Without that information, the perplexity claim does not appear well supported.

3. Efficiency Claims Do Not Match the Implementation

The repository describes the model as using a high-efficiency RWKV/Mamba-style hybrid.

However, the implementation appears to use a standard Python/PyTorch loop over the sequence length:

for t in range(T):
    x_t = x[:, t, :]
    h = self.w_mix * h + (1 - self.w_mix) * x_t

This is not equivalent to an optimized Mamba-style scan implementation.

Efficient Mamba implementations rely on custom kernels or parallel scan methods to avoid slow step-by-step execution over the sequence dimension. A plain loop over T forces sequential processing and limits GPU parallelism.

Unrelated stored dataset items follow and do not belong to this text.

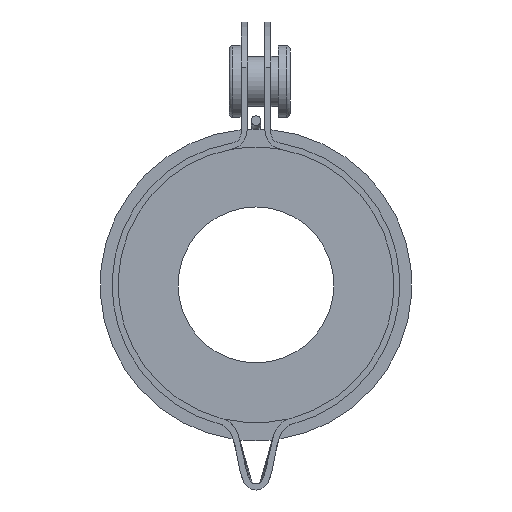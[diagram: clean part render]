
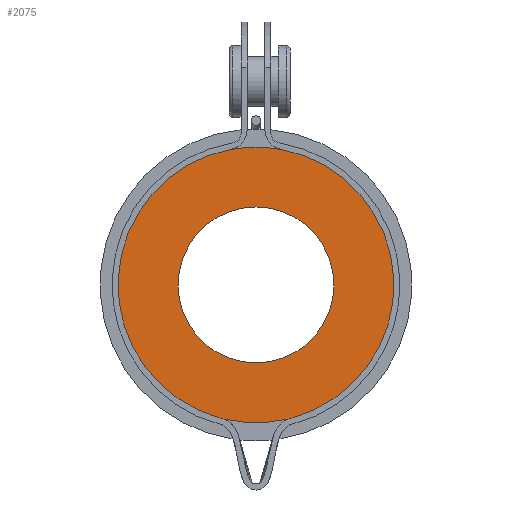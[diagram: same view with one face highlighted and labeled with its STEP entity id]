
A CAD part, front view. The second image highlights one B-rep face of the part: STEP entity #2075.
In plain terms, the highlighted planar face has unit normal (0, -1, 0).
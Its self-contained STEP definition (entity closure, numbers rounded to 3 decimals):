
#46=LINE($,#3395,#130);
#47=LINE($,#3402,#131);
#130=VECTOR($,#2716,0.13);
#131=VECTOR($,#2723,0.13);
#215=B_SPLINE_CURVE_WITH_KNOTS($,3,(#3383,#3384,#3385,#3386),
 .UNSPECIFIED.,.F.,.F.,(4,4),(0.,0.023),.UNSPECIFIED.);
#216=B_SPLINE_CURVE_WITH_KNOTS($,3,(#3390,#3391,#3392,#3393),
 .UNSPECIFIED.,.F.,.F.,(4,4),(0.125,0.148),
 .UNSPECIFIED.);
#314=FACE_BOUND($,#636,.T.);
#454=FACE_OUTER_BOUND($,#635,.T.);
#635=EDGE_LOOP($,(#1456,#1457,#1458,#1459,#1460,#1461,#1462,#1463));
#636=EDGE_LOOP($,(#1464));
#812=CIRCLE($,#2295,6.5);
#815=CIRCLE($,#2300,11.5);
#816=CIRCLE($,#2301,11.5);
#817=CIRCLE($,#2302,11.5);
#818=CIRCLE($,#2303,11.5);
#953=VERTEX_POINT($,#3363);
#958=VERTEX_POINT($,#3381);
#959=VERTEX_POINT($,#3382);
#960=VERTEX_POINT($,#3387);
#961=VERTEX_POINT($,#3389);
#962=VERTEX_POINT($,#3394);
#963=VERTEX_POINT($,#3396);
#964=VERTEX_POINT($,#3398);
#965=VERTEX_POINT($,#3400);
#1143=EDGE_CURVE($,#953,#953,#812,.T.);
#1148=EDGE_CURVE($,#958,#959,#215,.T.);
#1149=EDGE_CURVE($,#959,#960,#815,.T.);
#1150=EDGE_CURVE($,#960,#961,#216,.T.);
#1151=EDGE_CURVE($,#961,#962,#46,.T.);
#1152=EDGE_CURVE($,#962,#963,#816,.T.);
#1153=EDGE_CURVE($,#963,#964,#817,.T.);
#1154=EDGE_CURVE($,#964,#965,#818,.T.);
#1155=EDGE_CURVE($,#965,#958,#47,.T.);
#1456=ORIENTED_EDGE($,*,*,#1148,.T.);
#1457=ORIENTED_EDGE($,*,*,#1149,.T.);
#1458=ORIENTED_EDGE($,*,*,#1150,.T.);
#1459=ORIENTED_EDGE($,*,*,#1151,.T.);
#1460=ORIENTED_EDGE($,*,*,#1152,.T.);
#1461=ORIENTED_EDGE($,*,*,#1153,.T.);
#1462=ORIENTED_EDGE($,*,*,#1154,.T.);
#1463=ORIENTED_EDGE($,*,*,#1155,.T.);
#1464=ORIENTED_EDGE($,*,*,#1143,.T.);
#1843=PLANE($,#2299);
#2075=ADVANCED_FACE($,(#454,#314),#1843,.T.);
#2295=AXIS2_PLACEMENT_3D($,#3364,#2704,#2705);
#2299=AXIS2_PLACEMENT_3D($,#3380,#2712,#2713);
#2300=AXIS2_PLACEMENT_3D($,#3388,#2714,#2715);
#2301=AXIS2_PLACEMENT_3D($,#3397,#2717,#2718);
#2302=AXIS2_PLACEMENT_3D($,#3399,#2719,#2720);
#2303=AXIS2_PLACEMENT_3D($,#3401,#2721,#2722);
#2704=DIRECTION('center_axis',(0.,1.,0.));
#2705=DIRECTION('ref_axis',(1.,0.,0.));
#2712=DIRECTION('center_axis',(0.,-1.,0.));
#2713=DIRECTION('ref_axis',(0.,0.,-1.));
#2714=DIRECTION('center_axis',(0.,-1.,0.));
#2715=DIRECTION('ref_axis',(1.,0.,0.));
#2716=DIRECTION($,(0.992,0.,0.126));
#2717=DIRECTION('center_axis',(0.,-1.,0.));
#2718=DIRECTION('ref_axis',(1.,0.,0.));
#2719=DIRECTION('center_axis',(0.,-1.,0.));
#2720=DIRECTION('ref_axis',(1.,0.,0.));
#2721=DIRECTION('center_axis',(0.,-1.,0.));
#2722=DIRECTION('ref_axis',(1.,0.,0.));
#2723=DIRECTION($,(0.992,0.,-0.126));
#3363=CARTESIAN_POINT('',(-6.5,0.,0.));
#3364=CARTESIAN_POINT('Origin',(0.,0.,0.));
#3380=CARTESIAN_POINT('Origin',(0.,0.,0.));
#3381=CARTESIAN_POINT('',(-2.871,0.,-11.118));
#3382=CARTESIAN_POINT('',(-2.653,0.,-11.19));
#3383=CARTESIAN_POINT('Ctrl Pts',(-2.871,0.,-11.118));
#3384=CARTESIAN_POINT('Ctrl Pts',(-2.796,0.,-11.137));
#3385=CARTESIAN_POINT('Ctrl Pts',(-2.723,0.,
-11.161));
#3386=CARTESIAN_POINT('Ctrl Pts',(-2.653,0.,
-11.19));
#3387=CARTESIAN_POINT('',(2.653,0.,-11.19));
#3388=CARTESIAN_POINT('Origin',(0.,0.,0.));
#3389=CARTESIAN_POINT('',(2.871,0.,-11.118));
#3390=CARTESIAN_POINT('Ctrl Pts',(2.653,0.,-11.19));
#3391=CARTESIAN_POINT('Ctrl Pts',(2.723,0.,
-11.162));
#3392=CARTESIAN_POINT('Ctrl Pts',(2.796,0.,
-11.138));
#3393=CARTESIAN_POINT('Ctrl Pts',(2.871,0.,-11.118));
#3394=CARTESIAN_POINT('',(3.,0.,-11.102));
#3395=CARTESIAN_POINT($,(2.153,0.,-11.209));
#3396=CARTESIAN_POINT('',(2.063,0.,11.313));
#3397=CARTESIAN_POINT('Origin',(0.,0.,0.));
#3398=CARTESIAN_POINT('',(-2.063,0.,11.313));
#3399=CARTESIAN_POINT('Origin',(0.,0.,0.));
#3400=CARTESIAN_POINT('',(-3.,0.,-11.102));
#3401=CARTESIAN_POINT('Origin',(0.,0.,0.));
#3402=CARTESIAN_POINT($,(-2.153,0.,-11.209));

For a sequence length of 256 and 16 layers, this creates thousands of sequential operations per forward pass. That makes the implementation much less efficient than the model card suggests.

The repository should clarify that this is a simple sequential recurrence, not an optimized Mamba-style implementation.

4. Tokenizer Claims Appear Inconsistent

The model card reportedly claims a BPE vocabulary size of 32,000.

However, the tokenizer implementation appears to use a custom ChunkTokenizer, based on a small set of predefined trigrams and simple character chunks. This does not appear to be a standard BPE tokenizer with learned merge rules.

The configuration also appears to reference a vocabulary size of 4,466, not 32,000.

This creates a clear mismatch between the model card and the implementation.

The repository should clarify:

The actual tokenizer used
The actual vocabulary size
Whether any BPE merge file exists
Whether the reported metrics were generated using this tokenizer
Requested Action

I am requesting that Hugging Face review the repository i3-lab/i3-200m-v2 for potentially inaccurate or misleading model claims.

Specifically, I ask that the moderation team verify:

Whether the model actually contains 169.85M parameters
Whether the reported perplexity of 5.2 is reproducible
Whether the tokenizer is truly a 32,000-token BPE tokenizer
Whether the architecture should be described as an efficient RWKV/Mamba-style implementation

If these claims cannot be verified, I request that the model card be corrected to reflect the actual implementation and reproducible results.

The goal is not to punish experimentation, but to make sure public model metadata is accurate and not misleading.